How biological systems process information in complex and changing environments is a central unsolved puzzle of the post-genomic age.

In plants, physiology and development are inextricably linked: morphogenesis reflects external environmental conditions as much as endogenous cues. Developmental, metabolic, and environmental information is encoded, transported, and ultimately translated into phenotype through a complex network of hormones. The highly plastic Arabidopsis seedling has been an excellent system for dissecting the interaction between internal and external cues during light-directed development (photomorphogenesis). Seedling stem (hypocotyl) length is a sensitive, quantitative, readily-imaged output for studying the photomorphogenetic program.

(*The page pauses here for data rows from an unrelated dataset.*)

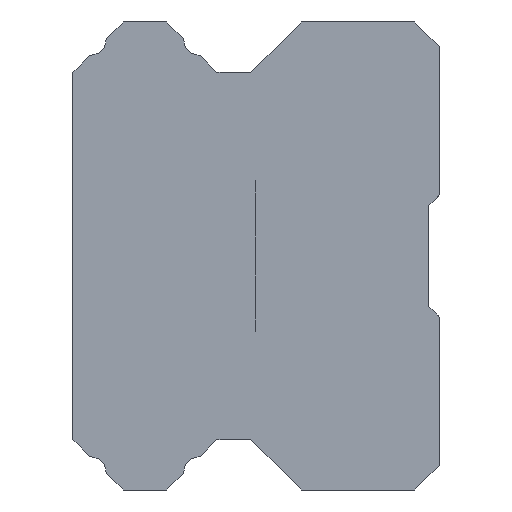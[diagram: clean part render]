
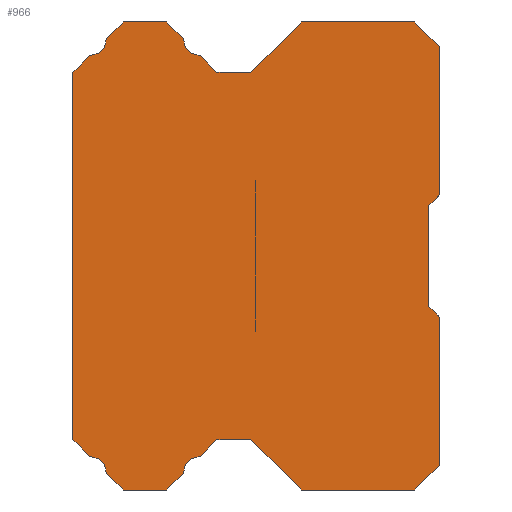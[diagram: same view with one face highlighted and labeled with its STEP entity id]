
A CAD part, left-side view. The second image highlights one B-rep face of the part: STEP entity #966.
In plain terms, the highlighted planar face has unit normal (-1, 0, 0).
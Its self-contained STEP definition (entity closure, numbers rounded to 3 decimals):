
#85 = VERTEX_POINT('',#86);
#86 = CARTESIAN_POINT('',(-20.,18.,9.022));
#101 = VERTEX_POINT('',#102);
#102 = CARTESIAN_POINT('',(-20.,18.,-9.022));
#108 = EDGE_CURVE('',#85,#101,#109,.T.);
#109 = LINE('',#110,#111);
#110 = CARTESIAN_POINT('',(-20.,18.,10.5));
#111 = VECTOR('',#112,1.);
#112 = DIRECTION('',(0.,-0.,-1.));
#948 = EDGE_CURVE('',#949,#85,#951,.T.);
#949 = VERTEX_POINT('',#950);
#950 = CARTESIAN_POINT('',(-20.,17.174,9.848));
#951 = LINE('',#952,#953);
#952 = CARTESIAN_POINT('',(-20.,6.299,20.723));
#953 = VECTOR('',#954,1.);
#954 = DIRECTION('',(0.,0.707,-0.707));
#966 = ADVANCED_FACE('',(#967),#1181,.F.);
#967 = FACE_BOUND('',#968,.F.);
#968 = EDGE_LOOP('',(#969,#979,#988,#996,#1004,#1012,#1021,#1027,#1028,
    #1029,#1038,#1046,#1054,#1062,#1071,#1079,#1087,#1095,#1103,#1111,
    #1119,#1127,#1135,#1143,#1151,#1159,#1167,#1175));
#969 = ORIENTED_EDGE('',*,*,#970,.F.);
#970 = EDGE_CURVE('',#971,#973,#975,.T.);
#971 = VERTEX_POINT('',#972);
#972 = CARTESIAN_POINT('',(-20.,11.746,-9.848));
#973 = VERTEX_POINT('',#974);
#974 = CARTESIAN_POINT('',(-20.,10.92,-9.022));
#975 = LINE('',#976,#977);
#976 = CARTESIAN_POINT('',(-20.,-3.109,5.007));
#977 = VECTOR('',#978,1.);
#978 = DIRECTION('',(0.,-0.707,0.707));
#979 = ORIENTED_EDGE('',*,*,#980,.F.);
#980 = EDGE_CURVE('',#981,#971,#983,.T.);
#981 = VERTEX_POINT('',#982);
#982 = CARTESIAN_POINT('',(-20.,12.572,-10.674));
#983 = CIRCLE('',#984,0.812);
#984 = AXIS2_PLACEMENT_3D('',#985,#986,#987);
#985 = CARTESIAN_POINT('',(-20.,11.76,-10.66));
#986 = DIRECTION('',(1.,-0.,0.));
#987 = DIRECTION('',(0.,0.,-1.));
#988 = ORIENTED_EDGE('',*,*,#989,.F.);
#989 = EDGE_CURVE('',#990,#981,#992,.T.);
#990 = VERTEX_POINT('',#991);
#991 = CARTESIAN_POINT('',(-20.,13.398,-11.5));
#992 = LINE('',#993,#994);
#993 = CARTESIAN_POINT('',(-20.,-2.283,4.181));
#994 = VECTOR('',#995,1.);
#995 = DIRECTION('',(0.,-0.707,0.707));
#996 = ORIENTED_EDGE('',*,*,#997,.F.);
#997 = EDGE_CURVE('',#998,#990,#1000,.T.);
#998 = VERTEX_POINT('',#999);
#999 = CARTESIAN_POINT('',(-20.,15.522,-11.5));
#1000 = LINE('',#1001,#1002);
#1001 = CARTESIAN_POINT('',(-20.,-0.77,-11.5));
#1002 = VECTOR('',#1003,1.);
#1003 = DIRECTION('',(0.,-1.,0.));
#1004 = ORIENTED_EDGE('',*,*,#1005,.F.);
#1005 = EDGE_CURVE('',#1006,#998,#1008,.T.);
#1006 = VERTEX_POINT('',#1007);
#1007 = CARTESIAN_POINT('',(-20.,16.348,-10.674));
#1008 = LINE('',#1009,#1010);
#1009 = CARTESIAN_POINT('',(-20.,15.973,-11.049));
#1010 = VECTOR('',#1011,1.);
#1011 = DIRECTION('',(0.,-0.707,-0.707));
#1012 = ORIENTED_EDGE('',*,*,#1013,.F.);
#1013 = EDGE_CURVE('',#1014,#1006,#1016,.T.);
#1014 = VERTEX_POINT('',#1015);
#1015 = CARTESIAN_POINT('',(-20.,17.174,-9.848));
#1016 = CIRCLE('',#1017,0.812);
#1017 = AXIS2_PLACEMENT_3D('',#1018,#1019,#1020);
#1018 = CARTESIAN_POINT('',(-20.,17.16,-10.66));
#1019 = DIRECTION('',(1.,-0.,0.));
#1020 = DIRECTION('',(0.,0.,-1.));
#1021 = ORIENTED_EDGE('',*,*,#1022,.F.);
#1022 = EDGE_CURVE('',#101,#1014,#1023,.T.);
#1023 = LINE('',#1024,#1025);
#1024 = CARTESIAN_POINT('',(-20.,16.799,-10.223));
#1025 = VECTOR('',#1026,1.);
#1026 = DIRECTION('',(0.,-0.707,-0.707));
#1027 = ORIENTED_EDGE('',*,*,#108,.F.);
#1028 = ORIENTED_EDGE('',*,*,#948,.F.);
#1029 = ORIENTED_EDGE('',*,*,#1030,.F.);
#1030 = EDGE_CURVE('',#1031,#949,#1033,.T.);
#1031 = VERTEX_POINT('',#1032);
#1032 = CARTESIAN_POINT('',(-20.,16.348,10.674));
#1033 = CIRCLE('',#1034,0.812);
#1034 = AXIS2_PLACEMENT_3D('',#1035,#1036,#1037);
#1035 = CARTESIAN_POINT('',(-20.,17.16,10.66));
#1036 = DIRECTION('',(1.,-0.,0.));
#1037 = DIRECTION('',(0.,0.,-1.));
#1038 = ORIENTED_EDGE('',*,*,#1039,.F.);
#1039 = EDGE_CURVE('',#1040,#1031,#1042,.T.);
#1040 = VERTEX_POINT('',#1041);
#1041 = CARTESIAN_POINT('',(-20.,15.522,11.5));
#1042 = LINE('',#1043,#1044);
#1043 = CARTESIAN_POINT('',(-20.,5.473,21.549));
#1044 = VECTOR('',#1045,1.);
#1045 = DIRECTION('',(0.,0.707,-0.707));
#1046 = ORIENTED_EDGE('',*,*,#1047,.F.);
#1047 = EDGE_CURVE('',#1048,#1040,#1050,.T.);
#1048 = VERTEX_POINT('',#1049);
#1049 = CARTESIAN_POINT('',(-20.,13.398,11.5));
#1050 = LINE('',#1051,#1052);
#1051 = CARTESIAN_POINT('',(-20.,-0.77,11.5));
#1052 = VECTOR('',#1053,1.);
#1053 = DIRECTION('',(0.,1.,0.));
#1054 = ORIENTED_EDGE('',*,*,#1055,.F.);
#1055 = EDGE_CURVE('',#1056,#1048,#1058,.T.);
#1056 = VERTEX_POINT('',#1057);
#1057 = CARTESIAN_POINT('',(-20.,12.572,10.674));
#1058 = LINE('',#1059,#1060);
#1059 = CARTESIAN_POINT('',(-20.,8.217,6.319));
#1060 = VECTOR('',#1061,1.);
#1061 = DIRECTION('',(0.,0.707,0.707));
#1062 = ORIENTED_EDGE('',*,*,#1063,.F.);
#1063 = EDGE_CURVE('',#1064,#1056,#1066,.T.);
#1064 = VERTEX_POINT('',#1065);
#1065 = CARTESIAN_POINT('',(-20.,11.746,9.848));
#1066 = CIRCLE('',#1067,0.812);
#1067 = AXIS2_PLACEMENT_3D('',#1068,#1069,#1070);
#1068 = CARTESIAN_POINT('',(-20.,11.76,10.66));
#1069 = DIRECTION('',(1.,-0.,0.));
#1070 = DIRECTION('',(0.,0.,-1.));
#1071 = ORIENTED_EDGE('',*,*,#1072,.F.);
#1072 = EDGE_CURVE('',#1073,#1064,#1075,.T.);
#1073 = VERTEX_POINT('',#1074);
#1074 = CARTESIAN_POINT('',(-20.,10.92,9.022));
#1075 = LINE('',#1076,#1077);
#1076 = CARTESIAN_POINT('',(-20.,7.391,5.493));
#1077 = VECTOR('',#1078,1.);
#1078 = DIRECTION('',(0.,0.707,0.707));
#1079 = ORIENTED_EDGE('',*,*,#1080,.F.);
#1080 = EDGE_CURVE('',#1081,#1073,#1083,.T.);
#1081 = VERTEX_POINT('',#1082);
#1082 = CARTESIAN_POINT('',(-20.,9.253,9.022));
#1083 = LINE('',#1084,#1085);
#1084 = CARTESIAN_POINT('',(-20.,-2.957,9.022));
#1085 = VECTOR('',#1086,1.);
#1086 = DIRECTION('',(0.,1.,0.));
#1087 = ORIENTED_EDGE('',*,*,#1088,.F.);
#1088 = EDGE_CURVE('',#1089,#1081,#1091,.T.);
#1089 = VERTEX_POINT('',#1090);
#1090 = CARTESIAN_POINT('',(-20.,6.775,11.5));
#1091 = LINE('',#1092,#1093);
#1092 = CARTESIAN_POINT('',(-20.,-0.674,18.949));
#1093 = VECTOR('',#1094,1.);
#1094 = DIRECTION('',(0.,0.707,-0.707));
#1095 = ORIENTED_EDGE('',*,*,#1096,.F.);
#1096 = EDGE_CURVE('',#1097,#1089,#1099,.T.);
#1097 = VERTEX_POINT('',#1098);
#1098 = CARTESIAN_POINT('',(-20.,1.2,11.5));
#1099 = LINE('',#1100,#1101);
#1100 = CARTESIAN_POINT('',(-20.,-6.006,11.5));
#1101 = VECTOR('',#1102,1.);
#1102 = DIRECTION('',(0.,1.,0.));
#1103 = ORIENTED_EDGE('',*,*,#1104,.F.);
#1104 = EDGE_CURVE('',#1105,#1097,#1107,.T.);
#1105 = VERTEX_POINT('',#1106);
#1106 = CARTESIAN_POINT('',(-20.,0.,10.3));
#1107 = LINE('',#1108,#1109);
#1108 = CARTESIAN_POINT('',(-20.,-1.025,9.275));
#1109 = VECTOR('',#1110,1.);
#1110 = DIRECTION('',(0.,0.707,0.707));
#1111 = ORIENTED_EDGE('',*,*,#1112,.F.);
#1112 = EDGE_CURVE('',#1113,#1105,#1115,.T.);
#1113 = VERTEX_POINT('',#1114);
#1114 = CARTESIAN_POINT('',(-20.,0.,3.));
#1115 = LINE('',#1116,#1117);
#1116 = CARTESIAN_POINT('',(-20.,0.,13.827));
#1117 = VECTOR('',#1118,1.);
#1118 = DIRECTION('',(0.,0.,1.));
#1119 = ORIENTED_EDGE('',*,*,#1120,.T.);
#1120 = EDGE_CURVE('',#1113,#1121,#1123,.T.);
#1121 = VERTEX_POINT('',#1122);
#1122 = CARTESIAN_POINT('',(-20.,0.5,2.5));
#1123 = LINE('',#1124,#1125);
#1124 = CARTESIAN_POINT('',(-20.,-8.5,11.5));
#1125 = VECTOR('',#1126,1.);
#1126 = DIRECTION('',(0.,0.707,-0.707));
#1127 = ORIENTED_EDGE('',*,*,#1128,.T.);
#1128 = EDGE_CURVE('',#1121,#1129,#1131,.T.);
#1129 = VERTEX_POINT('',#1130);
#1130 = CARTESIAN_POINT('',(-20.,0.5,-2.5));
#1131 = LINE('',#1132,#1133);
#1132 = CARTESIAN_POINT('',(-20.,0.5,11.75));
#1133 = VECTOR('',#1134,1.);
#1134 = DIRECTION('',(0.,0.,-1.));
#1135 = ORIENTED_EDGE('',*,*,#1136,.T.);
#1136 = EDGE_CURVE('',#1129,#1137,#1139,.T.);
#1137 = VERTEX_POINT('',#1138);
#1138 = CARTESIAN_POINT('',(-20.,0.,-3.));
#1139 = LINE('',#1140,#1141);
#1140 = CARTESIAN_POINT('',(-20.,2.25,-0.75));
#1141 = VECTOR('',#1142,1.);
#1142 = DIRECTION('',(0.,-0.707,-0.707));
#1143 = ORIENTED_EDGE('',*,*,#1144,.F.);
#1144 = EDGE_CURVE('',#1145,#1137,#1147,.T.);
#1145 = VERTEX_POINT('',#1146);
#1146 = CARTESIAN_POINT('',(-20.,0.,-10.3));
#1147 = LINE('',#1148,#1149);
#1148 = CARTESIAN_POINT('',(-20.,0.,7.173));
#1149 = VECTOR('',#1150,1.);
#1150 = DIRECTION('',(0.,0.,1.));
#1151 = ORIENTED_EDGE('',*,*,#1152,.F.);
#1152 = EDGE_CURVE('',#1153,#1145,#1155,.T.);
#1153 = VERTEX_POINT('',#1154);
#1154 = CARTESIAN_POINT('',(-20.,1.2,-11.5));
#1155 = LINE('',#1156,#1157);
#1156 = CARTESIAN_POINT('',(-20.,-11.525,1.225));
#1157 = VECTOR('',#1158,1.);
#1158 = DIRECTION('',(0.,-0.707,0.707));
#1159 = ORIENTED_EDGE('',*,*,#1160,.F.);
#1160 = EDGE_CURVE('',#1161,#1153,#1163,.T.);
#1161 = VERTEX_POINT('',#1162);
#1162 = CARTESIAN_POINT('',(-20.,6.775,-11.5));
#1163 = LINE('',#1164,#1165);
#1164 = CARTESIAN_POINT('',(-20.,-6.006,-11.5));
#1165 = VECTOR('',#1166,1.);
#1166 = DIRECTION('',(0.,-1.,0.));
#1167 = ORIENTED_EDGE('',*,*,#1168,.F.);
#1168 = EDGE_CURVE('',#1169,#1161,#1171,.T.);
#1169 = VERTEX_POINT('',#1170);
#1170 = CARTESIAN_POINT('',(-20.,9.253,-9.022));
#1171 = LINE('',#1172,#1173);
#1172 = CARTESIAN_POINT('',(-20.,9.826,-8.449));
#1173 = VECTOR('',#1174,1.);
#1174 = DIRECTION('',(0.,-0.707,-0.707));
#1175 = ORIENTED_EDGE('',*,*,#1176,.F.);
#1176 = EDGE_CURVE('',#973,#1169,#1177,.T.);
#1177 = LINE('',#1178,#1179);
#1178 = CARTESIAN_POINT('',(-20.,-2.957,-9.022));
#1179 = VECTOR('',#1180,1.);
#1180 = DIRECTION('',(-0.,-1.,-0.));
#1181 = PLANE('',#1182);
#1182 = AXIS2_PLACEMENT_3D('',#1183,#1184,#1185);
#1183 = CARTESIAN_POINT('',(-20.,-16.,21.));
#1184 = DIRECTION('',(1.,0.,0.));
#1185 = DIRECTION('',(0.,0.,-1.));
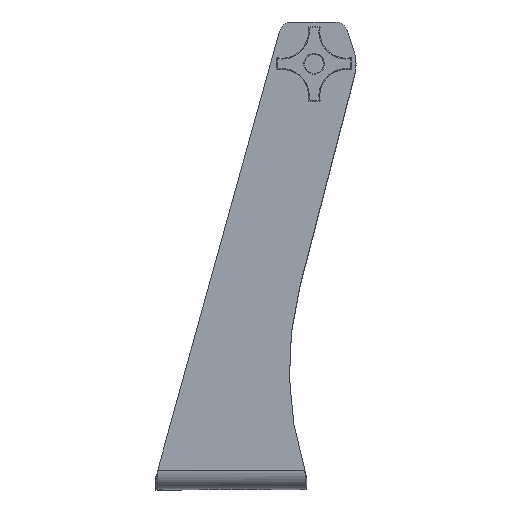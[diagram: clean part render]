
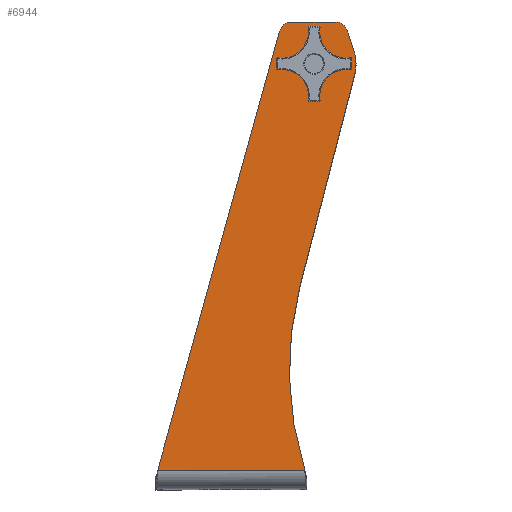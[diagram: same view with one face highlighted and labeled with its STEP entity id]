
A CAD part, top view. The second image highlights one B-rep face of the part: STEP entity #6944.
In plain terms, the highlighted planar face has unit normal (0, 0, 1) as drawn and (1, 0, 0) by its records, which use the part's own axes.
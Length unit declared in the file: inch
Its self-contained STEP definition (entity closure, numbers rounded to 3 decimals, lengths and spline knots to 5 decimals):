
#409 = CARTESIAN_POINT ( 'NONE',  ( 9.7, 3.56814, -11.72649 ) ) ;
#455 = CARTESIAN_POINT ( 'NONE',  ( 9.7, 0.563, -2.18872 ) ) ;
#712 = CARTESIAN_POINT ( 'NONE',  ( 9.7, 13.926, -1.79451 ) ) ;
#743 = CARTESIAN_POINT ( 'NONE',  ( 9.7, 6.94052, 0.42839 ) ) ;
#769 = AXIS2_PLACEMENT_3D ( 'NONE', #7291, #2183, #8157 ) ;
#866 = ORIENTED_EDGE ( 'NONE', *, *, #7571, .T. ) ;
#894 = EDGE_CURVE ( 'NONE', #8608, #10785, #6544, .T. ) ;
#944 = CARTESIAN_POINT ( 'NONE',  ( 9.7, 12.676, -2.46533 ) ) ;
#949 = VERTEX_POINT ( 'NONE', #7743 ) ;
#970 = DIRECTION ( 'NONE',  ( 0., -0.964, 0.267 ) ) ;
#1279 = DIRECTION ( 'NONE',  ( 0., 1., 0. ) ) ;
#1473 = LINE ( 'NONE', #743, #10276 ) ;
#1582 = EDGE_CURVE ( 'NONE', #8489, #949, #1473, .T. ) ;
#1661 = VERTEX_POINT ( 'NONE', #712 ) ;
#1757 = ORIENTED_EDGE ( 'NONE', *, *, #5334, .T. ) ;
#1810 = DIRECTION ( 'NONE',  ( 0., 1., 0. ) ) ;
#1836 = DIRECTION ( 'NONE',  ( 0., 0.951, 0.31 ) ) ;
#2032 = VECTOR ( 'NONE', #1836, 39.37008 ) ;
#2143 = EDGE_CURVE ( 'NONE', #1661, #8489, #9380, .T. ) ;
#2157 = VERTEX_POINT ( 'NONE', #4884 ) ;
#2178 = EDGE_CURVE ( 'NONE', #10476, #8732, #9130, .T. ) ;
#2183 = DIRECTION ( 'NONE',  ( 1., 0., 0. ) ) ;
#2310 = CARTESIAN_POINT ( 'NONE',  ( 9.7, 13.55126, -1.79451 ) ) ;
#2312 = EDGE_LOOP ( 'NONE', ( #10606, #9784, #3668, #5806, #1757, #5288, #866, #3398, #2369 ) ) ;
#2369 = ORIENTED_EDGE ( 'NONE', *, *, #2143, .T. ) ;
#2404 = CIRCLE ( 'NONE', #7576, 1.25 ) ;
#2472 = PLANE ( 'NONE',  #9361 ) ;
#2697 = VERTEX_POINT ( 'NONE', #4106 ) ;
#2952 = FACE_BOUND ( 'NONE', #2970, .T. ) ;
#2970 = EDGE_LOOP ( 'NONE', ( #9756, #7505 ) ) ;
#3106 = CARTESIAN_POINT ( 'NONE',  ( 9.7, 13.926, -11.72649 ) ) ;
#3181 = DIRECTION ( 'NONE',  ( 0., 1., 0. ) ) ;
#3182 = CARTESIAN_POINT ( 'NONE',  ( 9.7, 13.03753, -3.6619 ) ) ;
#3223 = CARTESIAN_POINT ( 'NONE',  ( 9.7, 12.31447, -3.6619 ) ) ;
#3349 = LINE ( 'NONE', #3106, #7611 ) ;
#3391 = CARTESIAN_POINT ( 'NONE',  ( 9.7, 2.10113, -7.22991 ) ) ;
#3398 = ORIENTED_EDGE ( 'NONE', *, *, #4858, .T. ) ;
#3668 = ORIENTED_EDGE ( 'NONE', *, *, #6017, .T. ) ;
#3855 = CARTESIAN_POINT ( 'NONE',  ( 9.7, 13.64147, -1.43079 ) ) ;
#4106 = CARTESIAN_POINT ( 'NONE',  ( 9.7, 13.926, -3.10022 ) ) ;
#4182 = EDGE_CURVE ( 'NONE', #949, #9845, #6155, .T. ) ;
#4325 = LINE ( 'NONE', #4655, #8595 ) ;
#4655 = CARTESIAN_POINT ( 'NONE',  ( 9.7, 6.07552, -2.04594 ) ) ;
#4803 = DIRECTION ( 'NONE',  ( 1., 0., 0. ) ) ;
#4858 = EDGE_CURVE ( 'NONE', #2697, #1661, #3349, .T. ) ;
#4869 = AXIS2_PLACEMENT_3D ( 'NONE', #409, #6377, #1279 ) ;
#4884 = CARTESIAN_POINT ( 'NONE',  ( 9.7, 6.07712, -2.04636 ) ) ;
#4940 = FACE_OUTER_BOUND ( 'NONE', #2312, .T. ) ;
#4990 = DIRECTION ( 'NONE',  ( 1., 0., 0. ) ) ;
#5105 = DIRECTION ( 'NONE',  ( 0., 1., 0. ) ) ;
#5288 = ORIENTED_EDGE ( 'NONE', *, *, #894, .T. ) ;
#5334 = EDGE_CURVE ( 'NONE', #10435, #8608, #2404, .T. ) ;
#5486 = DIRECTION ( 'NONE',  ( 0., 0.968, -0.251 ) ) ;
#5806 = ORIENTED_EDGE ( 'NONE', *, *, #10900, .T. ) ;
#5825 = CARTESIAN_POINT ( 'NONE',  ( 9.7, 12.8715, -2.46533 ) ) ;
#6017 = EDGE_CURVE ( 'NONE', #9845, #2157, #7901, .T. ) ;
#6155 = LINE ( 'NONE', #7588, #6412 ) ;
#6204 = CARTESIAN_POINT ( 'NONE',  ( 9.7, 13.65965, -3.45894 ) ) ;
#6377 = DIRECTION ( 'NONE',  ( -1., 0., 0. ) ) ;
#6412 = VECTOR ( 'NONE', #10993, 39.37008 ) ;
#6544 = LINE ( 'NONE', #3391, #2032 ) ;
#6727 = EDGE_CURVE ( 'NONE', #8732, #10476, #10532, .T. ) ;
#6904 = CIRCLE ( 'NONE', #7815, 0.37474 ) ;
#6905 = DIRECTION ( 'NONE',  ( 1., 0., 0. ) ) ;
#6944 = ADVANCED_FACE ( 'NONE', ( #2952, #4940 ), #2472, .T. ) ;
#7291 = CARTESIAN_POINT ( 'NONE',  ( 9.7, 12.676, -2.46533 ) ) ;
#7505 = ORIENTED_EDGE ( 'NONE', *, *, #6727, .F. ) ;
#7571 = EDGE_CURVE ( 'NONE', #10785, #2697, #6904, .T. ) ;
#7576 = AXIS2_PLACEMENT_3D ( 'NONE', #944, #6905, #1810 ) ;
#7588 = CARTESIAN_POINT ( 'NONE',  ( 9.7, 0.563, -11.72649 ) ) ;
#7611 = VECTOR ( 'NONE', #9059, 39.37008 ) ;
#7645 = AXIS2_PLACEMENT_3D ( 'NONE', #2310, #8284, #3181 ) ;
#7743 = CARTESIAN_POINT ( 'NONE',  ( 9.7, 0.563, 2.19784 ) ) ;
#7815 = AXIS2_PLACEMENT_3D ( 'NONE', #9902, #4803, #10740 ) ;
#7901 = CIRCLE ( 'NONE', #4869, 10. ) ;
#8157 = DIRECTION ( 'NONE',  ( 0., 1., 0. ) ) ;
#8243 = AXIS2_PLACEMENT_3D ( 'NONE', #10088, #4990, #10929 ) ;
#8284 = DIRECTION ( 'NONE',  ( 1., 0., 0. ) ) ;
#8489 = VERTEX_POINT ( 'NONE', #3855 ) ;
#8595 = VECTOR ( 'NONE', #5486, 39.37008 ) ;
#8608 = VERTEX_POINT ( 'NONE', #3182 ) ;
#8732 = VERTEX_POINT ( 'NONE', #10506 ) ;
#9059 = DIRECTION ( 'NONE',  ( 0., 0., 1. ) ) ;
#9130 = CIRCLE ( 'NONE', #8243, 0.1955 ) ;
#9361 = AXIS2_PLACEMENT_3D ( 'NONE', #10950, #10213, #5105 ) ;
#9380 = CIRCLE ( 'NONE', #7645, 0.37474 ) ;
#9756 = ORIENTED_EDGE ( 'NONE', *, *, #2178, .F. ) ;
#9784 = ORIENTED_EDGE ( 'NONE', *, *, #4182, .T. ) ;
#9845 = VERTEX_POINT ( 'NONE', #455 ) ;
#9902 = CARTESIAN_POINT ( 'NONE',  ( 9.7, 13.55126, -3.10022 ) ) ;
#10088 = CARTESIAN_POINT ( 'NONE',  ( 9.7, 12.676, -2.46533 ) ) ;
#10213 = DIRECTION ( 'NONE',  ( 1., 0., 0. ) ) ;
#10276 = VECTOR ( 'NONE', #970, 39.37008 ) ;
#10435 = VERTEX_POINT ( 'NONE', #3223 ) ;
#10476 = VERTEX_POINT ( 'NONE', #5825 ) ;
#10506 = CARTESIAN_POINT ( 'NONE',  ( 9.7, 12.4805, -2.46533 ) ) ;
#10532 = CIRCLE ( 'NONE', #769, 0.1955 ) ;
#10606 = ORIENTED_EDGE ( 'NONE', *, *, #1582, .T. ) ;
#10740 = DIRECTION ( 'NONE',  ( 0., 1., 0. ) ) ;
#10785 = VERTEX_POINT ( 'NONE', #6204 ) ;
#10900 = EDGE_CURVE ( 'NONE', #2157, #10435, #4325, .T. ) ;
#10929 = DIRECTION ( 'NONE',  ( 0., 1., 0. ) ) ;
#10950 = CARTESIAN_POINT ( 'NONE',  ( 9.7, 3.56814, -11.72649 ) ) ;
#10993 = DIRECTION ( 'NONE',  ( 0., 0., -1. ) ) ;

We are currently focusing on three questions:

1. How do cells integrate information from multiple hormones? Different hormones trigger seemingly identical growth responses, yet each hormone pathway is required for normal growth. My laboratory is using a variety of tools to fully dissect the interaction between two key growth regulators—auxins and brassinosteroids.

2. How does cell fate shape hormone responses? We have uncovered a previously unsuspected role for brassinosteroids in directing cell fate and growth in the root epidermis. We are using this second cell type to elucidate how hormonal cues are modified by cell identify.

3. How are cellular growth rates modified over time? A significant limitation to current studies of photomorphogenesis is the lack of temporal and spatial control in assaying hormone/hormone and hormone/light interactions. We are combining time-lapse imaging with new tools for conditional regulation of hormone action to define and model dynamic growth signals.